Kimler Geldi Kimler Geçti

Salı, Haziran 5

Tatil Ve Kitaplar

Çok mutluyum!
Bu sefer sebepsizce değil tabii.
Bir nedenim var.
Yaz Tatili!
Ne kadar güzel değil mi?
Artık yaz geldi her yer cıvıl cıvıl.Hava sıcak.
Havlumuzla güneş gözlüğümüzü alıp denize gitmeliyiz bir an önce.
Kremi unutmamalıyız tabi.Cildimiz soyulur sonra mazallah.
Yazlık sandaletler kısa kısa shortlar elbiseler gördükçe canım denize gitmek istiyor.
Ama ben Aydın'da tıkılıp kaldım.
Ablamın lanet sınavının yüzünden.
Ama arada gideceğim tabi sevgili Didim'ime :)

Arkadaşlarım sezonu açtı bile çoktan.
Babam ise 2 aydır denize gidiyor.
Bense burada oturmuş sıcaktan kavrulmuş bir şekilde size yazıyorum.
Mutlu değil miydim ben ya?Üzüldüm şimdi.
Neyse canım az kaldı zaten.
En azından buradaki arkadaşlarımla görüşüyorum buluşuyorum.
İyi yanından bakmak lazım.
Okul bildiğiniz gibi bu cuma kapanıyor.Ama ben gitmiyorum.
Devamsızlığımı kullanıyorum da denebilir.
Karnem de zayıfım yok çok şükür :O
Hepsi beş de değil sanırım o en son 8.sınıfta olmuştu :)
Ama takmıyorum lisede dört almak güzel bir duygu :O
Yeterli değil ama güzel.
Size biraz okuduğum kitaplardan bahsedeyim.
Önce şu güzel deniz fotoğraflarına bakın.
:((


Allahım ordan atlamak vardı!



Ne tatlısınız siz :)


Özendim:(

Şu an ne çok isterdim onun yerinde olmayı :(

Senin yerinde olsam ben de sırıtırdım.Ayrıca bikinin de güzelmiş :((

Ben senden daha esmer olucam k.bakma :O

Ay benim de uzundu saçım havamı atıyorsun!?

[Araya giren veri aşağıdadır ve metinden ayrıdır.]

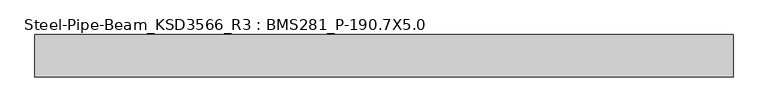
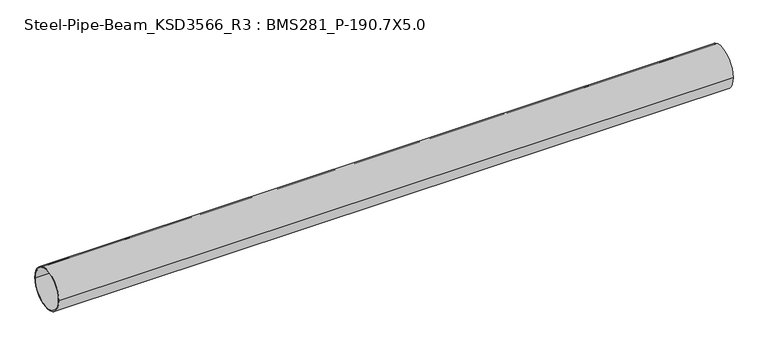
"""IFC4 building model written with IfcOpenShell, lengths in millimetres: member geometry, Steel-Pipe-Beam_KSD3566_R3 : BMS281_P-190.7X5.0."""

from ifc_helpers import new_model, si_unit, point, frame, origin, origin_2d, place, context, project, spatial, circle_curve, trimmed, segment, composite_curve, outline, extrude, source, transform, mapped, element, save


def steel_pipe_beam_ksd3566_r3_bms281_p_190_7x5_0_547b39ae(model_context):
    return source(origin(), model_context, "Body", "SweptSolid", [
        extrude(outline(composite_curve([segment(trimmed(circle_curve(origin_2d(), 95.35), [point((-95.35, 0.0))], [point((95.35, 0.0))], False, "CARTESIAN"), True, "CONTINUOUS"), segment(trimmed(circle_curve(origin_2d(), 95.35), [point((95.35, 0.0))], [point((-95.35, 0.0))], False, "CARTESIAN"), True, "CONTINUOUS")], self_intersect=False), holes=[composite_curve([segment(trimmed(circle_curve(origin_2d(), 90.35), [point((90.35, 0.0))], [point((-90.35, 0.0))], True, "CARTESIAN"), True, "CONTINUOUS"), segment(trimmed(circle_curve(origin_2d(), 90.35), [point((-90.35, 0.0))], [point((90.35, 0.0))], True, "CARTESIAN"), True, "CONTINUOUS")], self_intersect=False)]), frame((-1617.156438, 0.0, 0.0), z_axis=(1.0, 0.0, 0.0), x_axis=(0.0, 1.0, 0.0)), (0.0, 0.0, 1.0), 3133.1971631),
    ])


if __name__ == "__main__":
    model = new_model("IFC4")
    model_context = context("Model", 3, world=origin())
    ifc_project = project(units=[si_unit("LENGTHUNIT", "METRE", prefix="MILLI")], contexts=[model_context])
    site = spatial("IfcSite", under=ifc_project)
    building = spatial("IfcBuilding", under=site)
    placement = place(None, origin())
    steel_pipe_beam_ksd3566_r3_bms281_p_190_7x5_0_shape = steel_pipe_beam_ksd3566_r3_bms281_p_190_7x5_0_547b39ae(model_context)
    element("IfcMember", 1, ObjectType="Steel-Pipe-Beam_KSD3566_R3 : BMS281_P-190.7X5.0", at=placement, inside=building, context=model_context, shape_type="MappedRepresentation", body=[
        mapped(steel_pipe_beam_ksd3566_r3_bms281_p_190_7x5_0_shape, transform((0.0, 0.0, 0.0), x_axis=(1.0, 0.0, 0.0), y_axis=(0.0, 1.0, 0.0), z_axis=(0.0, 0.0, 1.0))),
    ])
    save(model, "model.ifc")

# Revit data of these elements
# Type "Steel-Pipe-Beam_KSD3566_R3 : BMS281_P-190.7X5.0"
#   Keynote = "P-190.7X5.0"
#   SteelWeight = "Light"
#   t = 0.0050 m
#   Surface Area = 0.599102 m²/m
#   Section Area = 29.1697 cm²
#   Mass per Unit Length = 22.8982 kg/m
#   Length [instance default] = 1.5000 m
#   D = 0.1907 m
#   hec_material4 [instance default] = none
#   hec_material3 [instance default] = none
#   hec_material2 [instance default] = none
#   hec_material1 [instance default] = none
#   Structural Material [instance default] = Steel, 45-345
#   Assembly Code = ""
# Element 1 (IfcMember, "Steel-Pipe-Beam_KSD3566_R3 : BMS281_P-190.7X5.0")
#   Structural Material = none
# Materials
#   "Steel, 45-345": class "Metal", colour RGB 189 187 185, transparency 0, Description = "Steel 345 MPa", Cost = 0

O dalgalar arasında kulaç atmak vardı.:(



Evet ben denize aşığım.Daha önce söylemiştim bunu :((


Sol Ayağım

İnce bir kitaptı ama arkasını okuyunca merakıma yenilip aldım hemen.
Zaten biyografi ve otobiyografi kitaplara bayılıyorum bu da öyle.
Kitapta kitabımızın İrlandalı yazarı Christy Brown kendi hayat hikayesini anlatıyor.
Christy Brown doğuştan beyin felci kurbanı.
İlk başta doktorlar bunu fark etmiyorlar ve ailesine tedavisinin olmadığını söylüyorlar.
Ama annesi vazgeçmiyor.Oğlunun gerizekalı olmadığına inanıyor.
İlk ne yaparsa yapsın bir çözüm alamıyor.
Ama bir gün oğlu kardeşinin şekiller çizdiği tebeşiri sol ayağıyla alıyor.
Her şey böyle başlıyor zaten.
Tek kullanabildiği sol ayağı.
Sonrasında Christy Brown'un sol ayağıyla nasıl mücadele ettiğini anlatıyor hayatla.
Beyin felçli olması onun muhteşem hayal gücüne ve edebiyat dünyasında kendine bir yer edinmesine engel değil.
Engeller bir engel olarak görülürse engel olur sadece.
Kitap filme de uyarlanmış.
Ama ben  izlemedim.
Kitabı tavsiye ederim.
İnsan bazen küçücük sorunları öyle büyütebiliyor ki!
İnsan haline her zaman şükretmeli.
Hiçbir şey imkansız değildir!

Eroin/Christiane F.nin Korkunç Anıları
Kapağın korkunçluğuna bakar mısınız?İnsanın tüyleri ürperiyor.

Evet bu da biyografi bir eser.
Bazı yerlerde annesi anlatıyor bazı yerlerde kendisi.
Kitabın arka kapağı
Bu, bir roman değil, Christiane'nin kelimesi kelimesine gerçek, yaşanmış tüyler ürpertici öyküsü... Bu kitabı oluşturan anılarını anlattığında Christiane 16 yaşındaydı. 12 yaşında esrara, 13 yaşında eroine başlamıştı. Müptela oldu. Sabah okula gitti, öğleden sonra kendisi gibi eroinman olan arkadaşlarıyla birlikte fahişelik yaparak eroin parası kazandı. Annesi, tam 2 yıl, kızının bu ikili yaşantısını fark etmedi. Christiane, kendisini uyuşturucu kullanmaya iten rahatsızlıklarını, tepkilerini ve çocukluktan genç kızlığa geçme çağında bir eroinman olarak yaşadıklarını bütün ayrıntılarıyla anlatmaya çalıştı bu kitapta.
Bugün artık, üzülerek belirtelim, eroin yaygın bir problem haline gelmektedir toplumumuzda. Ama bütün toplumlar için büyük bir tehlike. Christiane'nin öyküsünün çok yakınımızda tekrarlanmaması için bir uyarı saymalıyız onun anlattıklarını. Her gün 13-15 yaşlarında pek çok çocuğun, gencin adlarını gazetelerde 'Aşırı Dozda Eroin Alarak Öldü...' başlığı altında okumamamız için bir uyarı!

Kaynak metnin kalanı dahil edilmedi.